Ya, I thought my park's jumps were bad. But that...that is disgusting.


----------



## nickwarrenn (Feb 11, 2011)

Extremo said:


> That's a sorry looking park.


It is a smaller size park, but once it gets going it's pretty nice.




BurtonAvenger said:


> That jump is tiny and pathetic. From what you're describing it sounds like a slight step over. If you want to gauge speed watch people then do a practice run and slip the lip and go over the back side. You'll scrub all your speed on the end of the lip but get an idea of what you need. Personally though a park that shitty I just walk away that thing looks like fucking Echo out here and I wouldn't hit their jumps if you paid me.
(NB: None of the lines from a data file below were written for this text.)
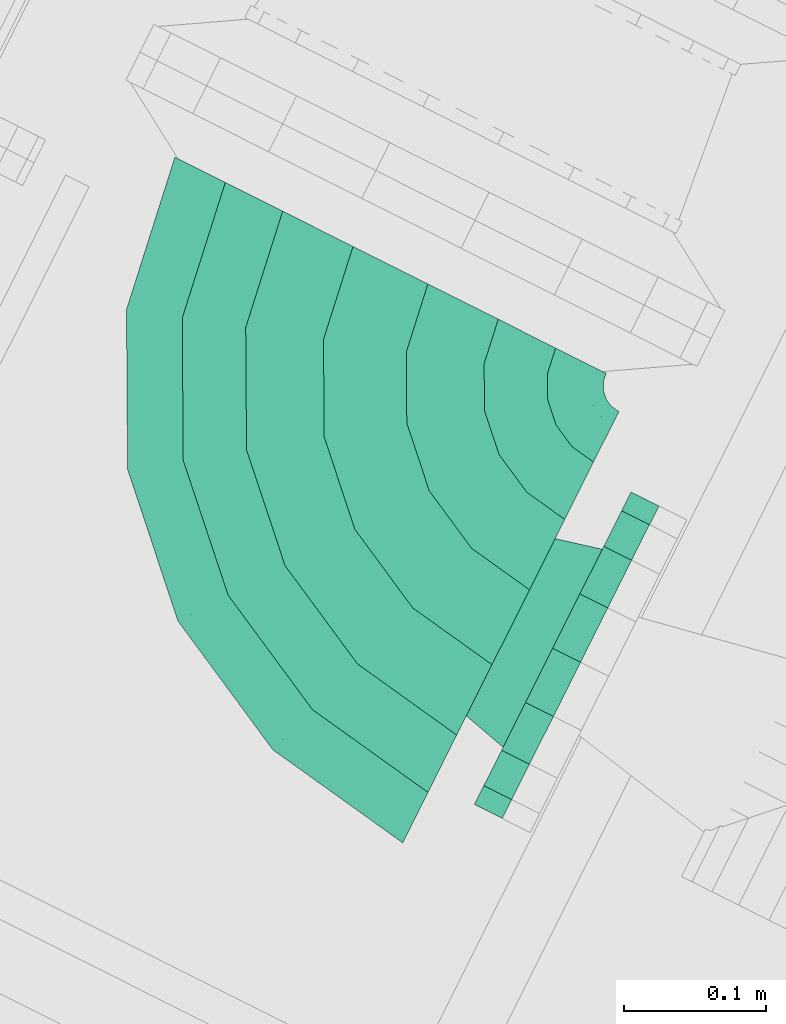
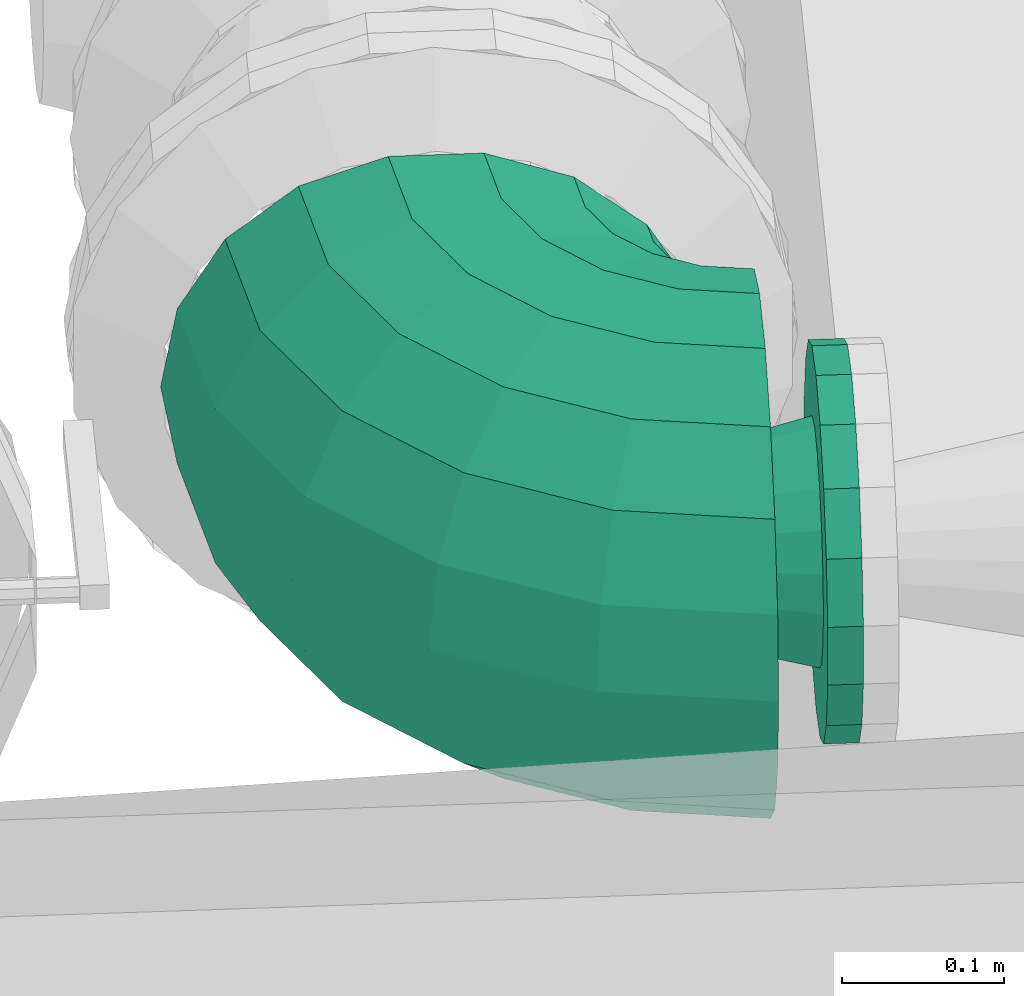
# One storey, part 65 of 206: 1 flow fitting, 1 flow segment.
"""IFC2X3 building model written with IfcOpenShell, lengths in metres."""

import ifcopenshell
import ifcopenshell.guid

model = None  # the IFC model being written
_history = None  # IfcOwnerHistory: only IFC2X3 demands one
_inside = {}  # id of a spatial element -> (the spatial element, [elements in it])
_under = {}  # id of a project, library or spatial element -> (it, [spatial elements below it])
_declared = {}  # id of a project -> (the project, [libraries it declares])
_typed = {}  # id of a type object -> (the type object, [elements of that type])
_made_of = {}  # id of a material, layer set ... -> (it, [elements and type objects made of it])


def new_model(schema):
    """Start an empty IFC model of exactly this schema.

    Asked for "IFC4X3", IfcOpenShell would pick the latest addendum, in which some entities
    have other attributes; the version numbers below select the first issue.
    IFC2X3 requires an IfcOwnerHistory on every rooted entity: one is made here for all.
    """
    global model, _history
    if schema == "IFC4X3":
        model = ifcopenshell.file(schema_version=(4, 3, 0, 0))
    else:
        model = ifcopenshell.file(schema=schema)
    _inside.clear()
    _under.clear()
    _declared.clear()
    _typed.clear()
    _made_of.clear()
    _history = None
    if model.schema == "IFC2X3":
        org = make("IfcOrganization", Name="unknown")
        user = make(
            "IfcPersonAndOrganization",
            ThePerson=make("IfcPerson", FamilyName="unknown"),
            TheOrganization=org,
        )
        app = make(
            "IfcApplication",
            ApplicationDeveloper=org,
            Version="unknown",
            ApplicationFullName="unknown",
            ApplicationIdentifier="unknown",
        )
        _history = make(
            "IfcOwnerHistory",
            OwningUser=user,
            OwningApplication=app,
            ChangeAction="ADDED",
            CreationDate=0,
        )
    return model


def make(cls, **values):
    """One entity of the class cls with the attributes given. An attribute that is None is left unset."""
    return model.create_entity(
        cls, **{name: value for name, value in values.items() if value is not None}
    )


def rooted(cls, **values):
    """An entity with a GlobalId (a new one), such as an element, a storey or a relation."""
    return make(cls, GlobalId=ifcopenshell.guid.new(), OwnerHistory=_history, **values)


def si_unit(unit_type, name, prefix=None):
    """IfcSIUnit, for example si_unit("LENGTHUNIT", "METRE", prefix="MILLI")."""
    return make("IfcSIUnit", UnitType=unit_type, Prefix=prefix, Name=name)


def derived_unit(unit_type, elements):
    """IfcDerivedUnit: a product of units, each with its exponent."""
    return make(
        "IfcDerivedUnit",
        Elements=[
            make("IfcDerivedUnitElement", Unit=unit, Exponent=power)
            for unit, power in elements
        ],
        UnitType=unit_type,
    )


def assignment(units):
    """IfcUnitAssignment: the units of a project."""
    return None if units is None else make("IfcUnitAssignment", Units=units)


def point(xyz):
    """IfcCartesianPoint."""
    return None if xyz is None else make("IfcCartesianPoint", Coordinates=xyz)


def direction(xyz):
    """IfcDirection."""
    return None if xyz is None else make("IfcDirection", DirectionRatios=xyz)


def frame(location, z_axis=None, x_axis=None):
    """IfcAxis2Placement3D, a coordinate frame: its origin and axes. An axis left out is left unset."""
    return make(
        "IfcAxis2Placement3D",
        Location=point(location),
        Axis=direction(z_axis),
        RefDirection=direction(x_axis),
    )


def origin():
    """The frame at (0, 0, 0) with its axes left unset."""
    return frame((0.0, 0.0, 0.0))


def place(relative_to, where):
    """IfcLocalPlacement: puts the frame where relative to a parent placement (None: the world)."""
    return make(
        "IfcLocalPlacement", PlacementRelTo=relative_to, RelativePlacement=where
    )


def context(
    kind, dimensions, precision=None, world=None, true_north=None, identifier=None
):
    """IfcGeometricRepresentationContext, for example the 3D "Model" context."""
    return make(
        "IfcGeometricRepresentationContext",
        ContextIdentifier=identifier,
        ContextType=kind,
        CoordinateSpaceDimension=dimensions,
        Precision=precision,
        WorldCoordinateSystem=world,
        TrueNorth=true_north,
    )


def subcontext(parent, identifier, kind, view, scale=None):
    """IfcGeometricRepresentationSubContext, for example "Body" below "Model"."""
    return make(
        "IfcGeometricRepresentationSubContext",
        ContextIdentifier=identifier,
        ContextType=kind,
        ParentContext=parent,
        TargetScale=scale,
        TargetView=view,
    )


def project(units=None, contexts=None):
    """IfcProject with its units and contexts."""
    return rooted(
        "IfcProject",
        Name="project",
        RepresentationContexts=contexts,
        UnitsInContext=assignment(units),
    )


def spatial(cls, under=None, at=None, **own):
    """A site, building, storey or space (cls), placed at a placement, below another one or the project."""
    s = rooted(cls, ObjectPlacement=at, **own)
    if under is not None:
        _under.setdefault(under.id(), (under, []))[1].append(s)
    return s


def faces_of(points, faces, orient=None, outer=None):
    """IfcFace entities. A face is a list of loops; a loop is a list of indices into points, from 0.

    orient and outer hold one flag for each loop. By default every Orientation is true, the
    first loop of a face is its IfcFaceOuterBound and the others are IfcFaceBound.
    """
    made = []
    for i, loops in enumerate(faces):
        bounds = []
        for j, loop in enumerate(loops):
            is_outer = j == 0 if outer is None else outer[i][j]
            bounds.append(
                make(
                    "IfcFaceOuterBound" if is_outer else "IfcFaceBound",
                    Bound=make("IfcPolyLoop", Polygon=[points[k] for k in loop]),
                    Orientation=True if orient is None else orient[i][j],
                )
            )
        made.append(make("IfcFace", Bounds=bounds))
    return made


def face_set(faces, orient=None, outer=None):
    """The faces of one IfcConnectedFaceSet. surface_model builds it on its shared points."""
    return ("IfcConnectedFaceSet", faces, orient, outer)


def surface_model(cls, points, shells):
    """IfcFaceBasedSurfaceModel or IfcShellBasedSurfaceModel (cls): surfaces that need not close."""
    shared = [point(p) for p in points]
    made = [make(c, CfsFaces=faces_of(shared, fs, o, b)) for c, fs, o, b in shells]
    if cls == "IfcFaceBasedSurfaceModel":
        return make(cls, FbsmFaces=made)
    return make(cls, SbsmBoundary=made)


def shape(context_of_items, identifier, shape_type, items):
    """IfcShapeRepresentation: the items that make up one representation, for example the "Body"."""
    return make(
        "IfcShapeRepresentation",
        ContextOfItems=context_of_items,
        RepresentationIdentifier=identifier,
        RepresentationType=shape_type,
        Items=items,
    )


def source(mapping_origin, context_of_items, identifier, shape_type, items):
    """IfcRepresentationMap: a shape defined once, which mapped items show again and again."""
    return make(
        "IfcRepresentationMap",
        MappingOrigin=mapping_origin,
        MappedRepresentation=shape(context_of_items, identifier, shape_type, items),
    )


def transform(
    local_origin,
    x_axis=None,
    y_axis=None,
    z_axis=None,
    scale=None,
    scale2=None,
    scale3=None,
    uniform=True,
):
    """IfcCartesianTransformationOperator3D, or its non-uniform kind. x_axis, y_axis, z_axis: its Axis1, 2, 3."""
    if uniform:
        return make(
            "IfcCartesianTransformationOperator3D",
            Axis1=direction(x_axis),
            Axis2=direction(y_axis),
            LocalOrigin=point(local_origin),
            Scale=scale,
            Axis3=direction(z_axis),
        )
    return make(
        "IfcCartesianTransformationOperator3DnonUniform",
        Axis1=direction(x_axis),
        Axis2=direction(y_axis),
        LocalOrigin=point(local_origin),
        Scale=scale,
        Axis3=direction(z_axis),
        Scale2=scale2,
        Scale3=scale3,
    )


def mapped(mapping_source, mapping_target):
    """IfcMappedItem: shows the shape of a source again, moved by a transform."""
    return make(
        "IfcMappedItem", MappingSource=mapping_source, MappingTarget=mapping_target
    )


def material(Name=None, Category=None):
    """IfcMaterial."""
    return make("IfcMaterial", Name=Name, Category=Category)


def made_of(thing, what):
    """Note that an element or type object is made of a material, layer set ...; save() writes the relation."""
    if what is not None:
        _made_of.setdefault(what.id(), (what, []))[1].append(thing)
    return thing


def type_object(cls, material=None, **own):
    """A type object (cls), such as IfcWallType, which elements share."""
    return made_of(rooted(cls, **own), material)


def type_shapes(of_type, sources):
    """Give a type object the sources (RepresentationMaps) that its elements show as mapped items."""
    of_type.RepresentationMaps = sources


def element(
    cls,
    number,
    at=None,
    inside=None,
    cuts=None,
    type_object=None,
    material=None,
    context=None,
    identifier="Body",
    shape_type=None,
    held_by="IfcProductDefinitionShape",
    body=None,
    shapes=None,
    **own,
):
    """One element of the class cls, such as IfcWall. Its Tag is "e" and its number.

    at: its placement. inside: the storey or other place that contains it. cuts: it is an
    opening in that element (IfcRelVoidsElement). A single representation is given by context,
    identifier, shape_type and body (its items); several are given by shapes. held_by: the class
    of the entity that holds the representations. save() writes the other relations.
    """
    e = rooted(cls, Tag="e%d" % number, ObjectPlacement=at, **own)
    if body is not None:
        shapes = [shape(context, identifier, shape_type, body)]
    if shapes is not None:
        e.Representation = make(held_by, Representations=shapes)
    if inside is not None:
        _inside.setdefault(inside.id(), (inside, []))[1].append(e)
    if cuts is not None:
        rooted(
            "IfcRelVoidsElement", RelatingBuildingElement=cuts, RelatedOpeningElement=e
        )
    if type_object is not None:
        _typed.setdefault(type_object.id(), (type_object, []))[1].append(e)
    return made_of(e, material)


def aggregate(whole, parts):
    """IfcRelAggregates: a whole, such as a stair, and the parts it consists of."""
    return rooted("IfcRelAggregates", RelatingObject=whole, RelatedObjects=parts)


def save(model, path):
    """Write the relations noted so far, then the file.

    IfcRelAggregates (storeys below a building ...), IfcRelContainedInSpatialStructure (elements
    in a storey), IfcRelDefinesByType, IfcRelAssociatesMaterial and IfcRelDeclares: one each for
    every whole, place, type object, material and project.
    """
    for whole, parts in _under.values():
        aggregate(whole, parts)
    for where, things in _inside.values():
        rooted(
            "IfcRelContainedInSpatialStructure",
            RelatedElements=things,
            RelatingStructure=where,
        )
    for kind, things in _typed.values():
        rooted("IfcRelDefinesByType", RelatedObjects=things, RelatingType=kind)
    for what, things in _made_of.values():
        rooted("IfcRelAssociatesMaterial", RelatedObjects=things, RelatingMaterial=what)
    for by, libraries in _declared.values():
        rooted("IfcRelDeclares", RelatingContext=by, RelatedDefinitions=libraries)
    model.write(path)


model = new_model("IFC2X3")

# Units and contexts
model_context = context("Model", 3, precision=5.2338327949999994e-05, world=origin(), true_north=direction((0.0, 1.0)))
body_context = subcontext(model_context, "Body", "Model", "MODEL_VIEW")
ifc_project = project(units=[si_unit("LENGTHUNIT", "METRE"), si_unit("AREAUNIT", "SQUARE_METRE"), si_unit("VOLUMEUNIT", "CUBIC_METRE"), si_unit("MASSUNIT", "GRAM", prefix="KILO"), si_unit("PLANEANGLEUNIT", "RADIAN"), derived_unit("THERMALTRANSMITTANCEUNIT", [(si_unit("MASSUNIT", "GRAM", prefix="KILO"), 1), (si_unit("THERMODYNAMICTEMPERATUREUNIT", "KELVIN"), -1), (si_unit("TIMEUNIT", "SECOND"), -3)])], contexts=[model_context])

# Site, building, storey
site_placement = place(None, frame((0.0, 0.0, 0.0), z_axis=(0.0, 0.0, 1.0), x_axis=(0.8939966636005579, -0.4480736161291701, 0.0)))
site = spatial("IfcSite", under=ifc_project, at=site_placement, Name="Default", CompositionType="ELEMENT")
building_placement = place(site_placement, origin())
building = spatial("IfcBuilding", under=site, at=building_placement, CompositionType="ELEMENT")
storey_placement = place(building_placement, origin())
storey = spatial("IfcBuildingStorey", under=building, at=storey_placement, Name="Erdgeschoss", CompositionType="ELEMENT", Elevation=0.0)

# Flow segment
ifc_material = material(Name="IfcSurfaceStyle #1741")
distribution_element_type_1 = type_object("IfcDistributionElementType", Name="Rohrbogen 340972:Rohrbogen 340972", material=ifc_material)
shared_shape_1 = source(origin(), body_context, "Body", "SurfaceModel", [
    surface_model("IfcFaceBasedSurfaceModel", [(25.370005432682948, 5.585961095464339, 2.3539999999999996), (25.374217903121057, 5.585961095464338, 2.3301098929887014), (25.38672969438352, 5.506964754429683, 2.3301098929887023), (25.38272339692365, 5.50566302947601, 2.354), (25.42304032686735, 5.435701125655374, 2.330109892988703), (25.419632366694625, 5.433225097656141, 2.354), (25.479595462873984, 5.379145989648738, 2.330109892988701), (25.47711943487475, 5.375738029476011, 2.3539999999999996), (25.550859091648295, 5.3428353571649, 2.330109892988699), (25.549557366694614, 5.3388290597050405, 2.3539999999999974), (25.62985543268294, 5.3303235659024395, 2.3301098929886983), (25.629855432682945, 5.326111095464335, 2.353999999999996), (25.38634722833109, 5.585961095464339, 2.3091012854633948), (25.39826536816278, 5.510712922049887, 2.3091012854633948), (25.432853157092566, 5.442830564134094, 2.309101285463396), (25.4867249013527, 5.388958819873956, 2.3091012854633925), (25.55460725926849, 5.354371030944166, 2.3091012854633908), (25.629855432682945, 5.342452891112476, 2.3091012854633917), (25.40493043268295, 5.585961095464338, 2.2935081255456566), (25.41593904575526, 5.516455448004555, 2.293508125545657), (25.447887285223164, 5.453753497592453, 2.2935081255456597), (25.497647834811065, 5.403992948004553, 2.2935081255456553), (25.560349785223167, 5.372044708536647, 2.2935081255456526), (25.629855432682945, 5.361036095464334, 2.293508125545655), (25.42772610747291, 5.585961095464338, 2.2852111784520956), (25.4376190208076, 5.5234996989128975, 2.2852111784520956), (25.46632937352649, 5.467152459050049, 2.285211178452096), (25.51104679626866, 5.422435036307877, 2.285211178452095), (25.567394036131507, 5.393724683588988, 2.285211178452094), (25.629855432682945, 5.383831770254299, 2.285211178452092), (25.451984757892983, 5.585961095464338, 2.285211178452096), (25.460690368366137, 5.5309960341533, 2.285211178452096), (25.48595503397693, 5.481411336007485, 2.2852111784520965), (25.5253056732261, 5.442060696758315, 2.285211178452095), (25.574890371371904, 5.416796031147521, 2.285211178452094), (25.629855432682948, 5.408090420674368, 2.285211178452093), (25.474780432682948, 5.585961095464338, 2.2935081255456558), (25.482370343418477, 5.538040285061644, 2.2935081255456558), (25.504397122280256, 5.494810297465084, 2.293508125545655), (25.53870463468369, 5.460502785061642, 2.2935081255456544), (25.58193462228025, 5.438476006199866, 2.293508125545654), (25.629855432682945, 5.430886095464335, 2.2935081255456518), (25.493363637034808, 5.585961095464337, 2.309101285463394), (25.500044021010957, 5.543782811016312, 2.309101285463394), (25.519431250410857, 5.505733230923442, 2.309101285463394), (25.549627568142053, 5.475536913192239, 2.3091012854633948), (25.58767714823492, 5.4561496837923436, 2.309101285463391), (25.629855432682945, 5.449469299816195, 2.3091012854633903), (25.505492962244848, 5.585961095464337, 2.330109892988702), (25.511579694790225, 5.54753097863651, 2.330109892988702), (25.529244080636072, 5.512862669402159, 2.3301098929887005), (25.556757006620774, 5.485349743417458, 2.330109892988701), (25.591425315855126, 5.467685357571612, 2.3301098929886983), (25.629855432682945, 5.461598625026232, 2.3301098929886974), (25.509705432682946, 5.585961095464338, 2.353999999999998), (25.515585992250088, 5.548832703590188, 2.3539999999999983), (25.532652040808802, 5.515338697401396, 2.3539999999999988), (25.559233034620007, 5.48875770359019, 2.353999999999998), (25.5927270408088, 5.471691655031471, 2.353999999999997), (25.629855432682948, 5.465811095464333, 2.3539999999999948), (25.505492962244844, 5.585961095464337, 2.377890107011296), (25.511579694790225, 5.54753097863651, 2.377890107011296), (25.529244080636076, 5.512862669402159, 2.377890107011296), (25.556757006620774, 5.4853497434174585, 2.377890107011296), (25.591425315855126, 5.467685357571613, 2.3778901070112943), (25.629855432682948, 5.461598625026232, 2.3778901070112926), (25.49336363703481, 5.585961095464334, 2.3988987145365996), (25.500044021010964, 5.543782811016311, 2.3988987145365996), (25.51943125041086, 5.505733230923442, 2.398898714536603), (25.549627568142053, 5.475536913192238, 2.398898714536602), (25.58767714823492, 5.456149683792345, 2.3988987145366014), (25.629855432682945, 5.449469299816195, 2.3988987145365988), (25.474780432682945, 5.585961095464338, 2.414491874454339), (25.482370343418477, 5.538040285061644, 2.414491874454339), (25.504397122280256, 5.494810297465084, 2.4144918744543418), (25.538704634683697, 5.460502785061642, 2.414491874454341), (25.581934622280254, 5.438476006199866, 2.4144918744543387), (25.629855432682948, 5.430886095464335, 2.414491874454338), (25.451984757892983, 5.585961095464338, 2.422788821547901), (25.460690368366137, 5.5309960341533, 2.4227888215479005), (25.48595503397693, 5.481411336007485, 2.422788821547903), (25.5253056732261, 5.442060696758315, 2.4227888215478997), (25.574890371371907, 5.416796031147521, 2.422788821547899), (25.629855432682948, 5.408090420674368, 2.4227888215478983), (25.427726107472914, 5.585961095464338, 2.422788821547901), (25.437619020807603, 5.5234996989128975, 2.422788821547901), (25.46632937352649, 5.467152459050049, 2.422788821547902), (25.51104679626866, 5.422435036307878, 2.422788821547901), (25.56739403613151, 5.393724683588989, 2.4227888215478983), (25.629855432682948, 5.383831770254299, 2.4227888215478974), (25.40493043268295, 5.585961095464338, 2.4144918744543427), (25.415939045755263, 5.516455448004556, 2.414491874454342), (25.447887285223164, 5.4537534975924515, 2.414491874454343), (25.497647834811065, 5.403992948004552, 2.4144918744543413), (25.56034978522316, 5.372044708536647, 2.4144918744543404), (25.629855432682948, 5.361036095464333, 2.414491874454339), (25.38634722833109, 5.585961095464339, 2.398898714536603), (25.39826536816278, 5.510712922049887, 2.398898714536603), (25.432853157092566, 5.442830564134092, 2.3988987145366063), (25.486724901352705, 5.388958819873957, 2.3988987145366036), (25.554607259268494, 5.354371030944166, 2.398898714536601), (25.629855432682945, 5.342452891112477, 2.3988987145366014), (25.374217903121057, 5.585961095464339, 2.3778901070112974), (25.386729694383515, 5.506964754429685, 2.3778901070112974), (25.42304032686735, 5.435701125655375, 2.377890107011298), (25.479595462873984, 5.379145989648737, 2.3778901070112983), (25.550859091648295, 5.3428353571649, 2.3778901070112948), (25.629855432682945, 5.33032356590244, 2.3778901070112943), (25.270005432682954, 5.585961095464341, 2.354), (25.280248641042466, 5.585961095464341, 2.2959078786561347), (25.297359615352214, 5.47792665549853, 2.2959078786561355), (25.28761774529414, 5.474761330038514, 2.353999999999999), (25.34701759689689, 5.380467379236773, 2.295907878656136), (25.338730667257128, 5.374446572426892, 2.3540000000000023), (25.42436171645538, 5.303123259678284, 2.2959078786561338), (25.418340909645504, 5.294836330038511, 2.353999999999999), (25.52182099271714, 5.253465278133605, 2.295907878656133), (25.51865566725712, 5.243723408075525, 2.3539999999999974), (25.629855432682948, 5.236354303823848, 2.295907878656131), (25.629855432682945, 5.22611109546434, 2.353999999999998), (25.30974278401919, 5.585961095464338, 2.244822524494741), (25.325410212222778, 5.487040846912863, 2.244822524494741), (25.370878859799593, 5.397803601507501, 2.2448225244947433), (25.44169793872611, 5.326984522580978, 2.2448225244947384), (25.53093518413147, 5.281515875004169, 2.2448225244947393), (25.629855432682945, 5.265848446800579, 2.2448225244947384), (25.35493043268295, 5.585961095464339, 2.206905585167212), (25.368386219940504, 5.501004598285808, 2.206905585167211), (25.40743643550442, 5.424364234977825, 2.2069055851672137), (25.46825857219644, 5.363542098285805, 2.2069055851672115), (25.544898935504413, 5.324491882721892, 2.206905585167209), (25.62985543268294, 5.3110360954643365, 2.2069055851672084), (25.41036128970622, 5.585961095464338, 2.1867304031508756), (25.421104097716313, 5.518133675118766, 2.186730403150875), (25.45228094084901, 5.456945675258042, 2.186730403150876), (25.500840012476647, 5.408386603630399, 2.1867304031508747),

THAT ISN'T THE JUMP IN QUESTION. That's just the platform it is currently built on. With such a shitty snowfall and temps this year, they're doing the best they can with what they have. The jump in question is as wide as the whole platform, and a hell of a lot bigger. 



ThunderChunky said:


> Ya, I thought my park's jumps were bad. But that...that is disgusting.


That isn't one of our real jumps, that's the start of season-lacking snow-built something-decided it was dumb and closed it type of jump. 


Here is a picture of one of our actual jumps to show it isn't all shit. This also happens to be the smaller one in the line I want to hit, the easier one.


----------



## AlexS (Feb 12, 2010)

Show the actual jump?


----------



## nickwarrenn (Feb 11, 2011)

Decided I needed to make another post, the last one was too negative. 

I hit it.

I sat at the top for a good 3ish minutes getting myself pumped up, and then decided -fuck it, let's just do it, knuckle it, and roll over. I hit the first one, straight airing the whole day, and landed deep because I forgot to speedcheck and straightlined it. I scrubbed a bunch of speed, and then went for the second one. I popped off it, made sure I wasn't going to land in the back seat, tucked up, and ended up landing backfoot on the knuckle, and didn't fall, but just took the blow, and pretty much sat in between my knees. 
Second time I hit it, there was no hesitation at the top, although I hit the knuckle again.
Third time I hit it, there was no hesitation, and I landed nice and deep in it, rode off with a smile.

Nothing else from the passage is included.